Last Thursday was Thanksgiving at our apartment–or, to be more accurate, Orphan Thanksgiving. Not everyone can afford to fly back for two holidays within a month’s span… so for the second year in a row, James and I hosted other transplants like ourselves for an eating extravaganza. And like last year, I made way too much food. I think it’s becoming part of the tradition. (Isn’t it a tradition in general for the holidays?)
I finished with most of my prep work right before Thanksgiving so the day itself presented a lot more free time than I had planned on. Should I recline on the couch whilst watching people lip sync on floats down New York’s streets? Take a nap? Or make an extra dessert? Well, if you know me well enough I’m sure you know the answer to that particular question!
This holiday version of everyone’s favorite treat is a snap to make. The only difference between this recipe and the regular recipe is the addition of pumpkin pie spice (and for some recipes, the omission of the vanilla extract). I also add mini-marshmallows at the end right before putting the mix into a pan to set as an extra-gooey finishing touch.
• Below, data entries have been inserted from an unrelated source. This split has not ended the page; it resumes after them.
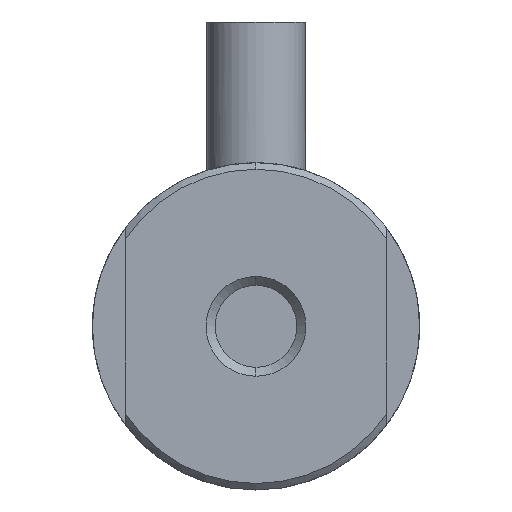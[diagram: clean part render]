
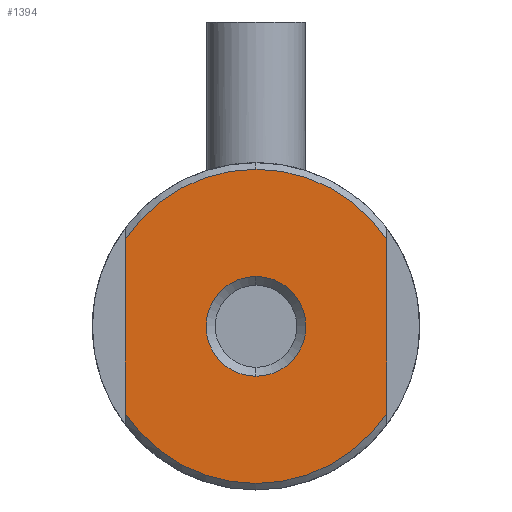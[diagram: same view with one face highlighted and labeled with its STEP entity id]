
A CAD part, front view. The second image highlights one B-rep face of the part: STEP entity #1394.
In plain terms, the highlighted planar face has unit normal (0, -1, 0).
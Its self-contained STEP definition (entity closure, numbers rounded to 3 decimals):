
#1 = EDGE_CURVE ( 'NONE', #1760, #1574, #1885, .T. ) ;
#10 = CARTESIAN_POINT ( 'NONE',  ( 15.221, -12.067, 22.247 ) ) ;
#122 = DIRECTION ( 'NONE',  ( 0., -1., 0. ) ) ;
#123 = CARTESIAN_POINT ( 'NONE',  ( 15.221, -12.067, 27.9 ) ) ;
#133 = DIRECTION ( 'NONE',  ( 0., 0., 1. ) ) ;
#157 = AXIS2_PLACEMENT_3D ( 'NONE', #786, #1821, #1129 ) ;
#215 = ORIENTED_EDGE ( 'NONE', *, *, #950, .F. ) ;
#314 = VERTEX_POINT ( 'NONE', #579 ) ;
#319 = AXIS2_PLACEMENT_3D ( 'NONE', #2030, #122, #133 ) ;
#506 = CARTESIAN_POINT ( 'NONE',  ( 11.221, -12.067, 23.375 ) ) ;
#579 = CARTESIAN_POINT ( 'NONE',  ( 11.221, -12.067, 29.7 ) ) ;
#597 = CIRCLE ( 'NONE', #1053, 1.525 ) ;
#608 = DIRECTION ( 'NONE',  ( 0., 0., 1. ) ) ;
#612 = DIRECTION ( 'NONE',  ( 0., 0., 1. ) ) ;
#617 = CARTESIAN_POINT ( 'NONE',  ( 11.221, -12.067, 24.9 ) ) ;
#639 = EDGE_CURVE ( 'NONE', #1850, #1306, #1549, .T. ) ;
#691 = DIRECTION ( 'NONE',  ( 0., -1., 0. ) ) ;
#709 = AXIS2_PLACEMENT_3D ( 'NONE', #1374, #1535, #836 ) ;
#741 = VECTOR ( 'NONE', #1128, 1000. ) ;
#760 = CARTESIAN_POINT ( 'NONE',  ( 11.221, -12.067, 24.9 ) ) ;
#766 = ORIENTED_EDGE ( 'NONE', *, *, #1, .T. ) ;
#786 = CARTESIAN_POINT ( 'NONE',  ( 11.221, -12.067, 24.9 ) ) ;
#788 = DIRECTION ( 'NONE',  ( 0., 0., -1. ) ) ;
#789 = AXIS2_PLACEMENT_3D ( 'NONE', #760, #2177, #612 ) ;
#836 = DIRECTION ( 'NONE',  ( 0., 0., -1. ) ) ;
#867 = VERTEX_POINT ( 'NONE', #943 ) ;
#876 = DIRECTION ( 'NONE',  ( 0., 0., 1. ) ) ;
#927 = ORIENTED_EDGE ( 'NONE', *, *, #2170, .F. ) ;
#943 = CARTESIAN_POINT ( 'NONE',  ( 15.221, -12.067, 27.553 ) ) ;
#950 = EDGE_CURVE ( 'NONE', #1760, #1429, #1427, .T. ) ;
#973 = EDGE_LOOP ( 'NONE', ( #927, #1843, #2192, #215, #766 ) ) ;
#990 = AXIS2_PLACEMENT_3D ( 'NONE', #2086, #691, #876 ) ;
#1053 = AXIS2_PLACEMENT_3D ( 'NONE', #617, #1828, #788 ) ;
#1103 = EDGE_CURVE ( 'NONE', #1306, #1850, #597, .T. ) ;
#1128 = DIRECTION ( 'NONE',  ( 0., 0., -1. ) ) ;
#1129 = DIRECTION ( 'NONE',  ( 0., 0., 1. ) ) ;
#1251 = EDGE_CURVE ( 'NONE', #314, #1429, #2070, .T. ) ;
#1306 = VERTEX_POINT ( 'NONE', #1417 ) ;
#1317 = FACE_OUTER_BOUND ( 'NONE', #973, .T. ) ;
#1374 = CARTESIAN_POINT ( 'NONE',  ( 11.221, -12.067, 24.9 ) ) ;
#1392 = LINE ( 'NONE', #123, #741 ) ;
#1394 = ADVANCED_FACE ( 'NONE', ( #1809, #1317 ), #2171, .F. ) ;
#1417 = CARTESIAN_POINT ( 'NONE',  ( 11.221, -12.067, 26.425 ) ) ;
#1427 = LINE ( 'NONE', #1614, #1628 ) ;
#1429 = VERTEX_POINT ( 'NONE', #1519 ) ;
#1519 = CARTESIAN_POINT ( 'NONE',  ( 7.221, -12.067, 27.553 ) ) ;
#1535 = DIRECTION ( 'NONE',  ( 0., -1., 0. ) ) ;
#1549 = CIRCLE ( 'NONE', #709, 1.525 ) ;
#1574 = VERTEX_POINT ( 'NONE', #10 ) ;
#1614 = CARTESIAN_POINT ( 'NONE',  ( 7.221, -12.067, 27.9 ) ) ;
#1628 = VECTOR ( 'NONE', #608, 1000. ) ;
#1753 = EDGE_CURVE ( 'NONE', #867, #314, #1871, .T. ) ;
#1760 = VERTEX_POINT ( 'NONE', #2190 ) ;
#1809 = FACE_BOUND ( 'NONE', #1931, .T. ) ;
#1821 = DIRECTION ( 'NONE',  ( 0., -1., 0. ) ) ;
#1828 = DIRECTION ( 'NONE',  ( 0., -1., 0. ) ) ;
#1843 = ORIENTED_EDGE ( 'NONE', *, *, #1753, .T. ) ;
#1850 = VERTEX_POINT ( 'NONE', #506 ) ;
#1871 = CIRCLE ( 'NONE', #157, 4.8 ) ;
#1885 = CIRCLE ( 'NONE', #319, 4.8 ) ;
#1931 = EDGE_LOOP ( 'NONE', ( #1996, #2231 ) ) ;
#1996 = ORIENTED_EDGE ( 'NONE', *, *, #639, .F. ) ;
#2030 = CARTESIAN_POINT ( 'NONE',  ( 11.221, -12.067, 24.9 ) ) ;
#2070 = CIRCLE ( 'NONE', #990, 4.8 ) ;
#2086 = CARTESIAN_POINT ( 'NONE',  ( 11.221, -12.067, 24.9 ) ) ;
#2170 = EDGE_CURVE ( 'NONE', #867, #1574, #1392, .T. ) ;
#2171 = PLANE ( 'NONE',  #789 ) ;
#2177 = DIRECTION ( 'NONE',  ( 0., 1., 0. ) ) ;
#2190 = CARTESIAN_POINT ( 'NONE',  ( 7.221, -12.067, 22.247 ) ) ;
#2192 = ORIENTED_EDGE ( 'NONE', *, *, #1251, .T. ) ;
#2231 = ORIENTED_EDGE ( 'NONE', *, *, #1103, .F. ) ;
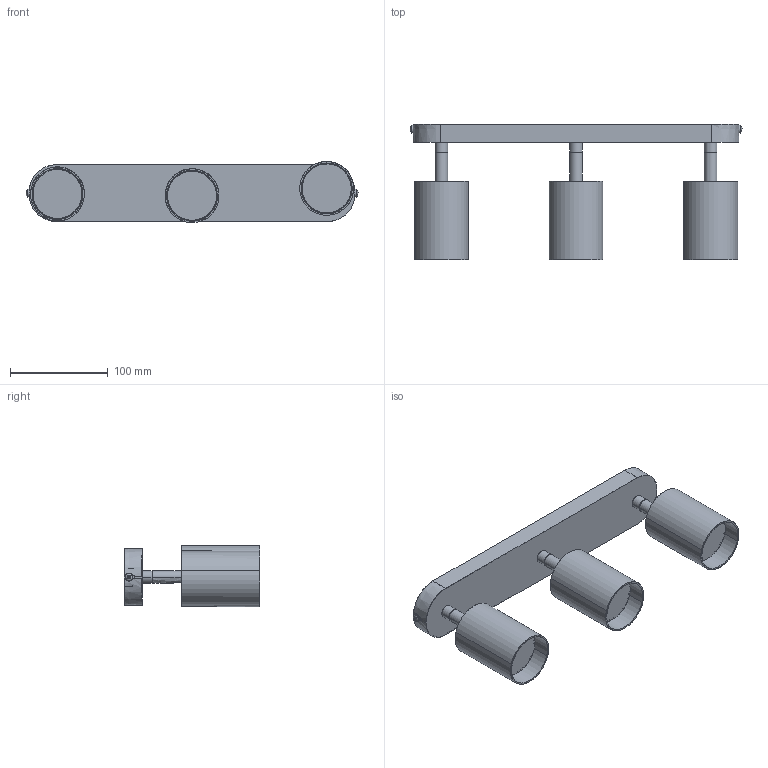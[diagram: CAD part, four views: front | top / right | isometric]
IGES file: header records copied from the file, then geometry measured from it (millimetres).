
Start section: SolidWorks IGES file using analytic representation for surfaces
Global section: file name: E:\3D lampy\Eye spot\Eye spot III\Eye spot III.IGS; native system: SolidWorks 2016; preprocessor: SolidWorks 2016; author: Asia; date: 170517.113132; units: millimetre
Bounding box: 339.13 x 138.59 x 62.72 mm (x, y, z)
Surface area: 214972.9 mm2 (no closed solid volume)
Topology: 0 solids, 0 shells, 627 faces, 11250 edges, 11193 vertices
Faces by surface type: revolution 334, bspline 293

Feel free to leave that out if that’s not your preference–I personally like the addition because it breaks up the monotony of the texture.
These crispy squares disappeared sometime between me carving the turkey and dessert, and were quite well-received. My only regret is that I’m posting this recipe after Thanksgiving week, which is when it seems to fit best with other fall-themed foods. However, if you’re a big pumpkin spice latte or pumpkin pie fan, this will be a great addition to your easy desserts recipe catalog!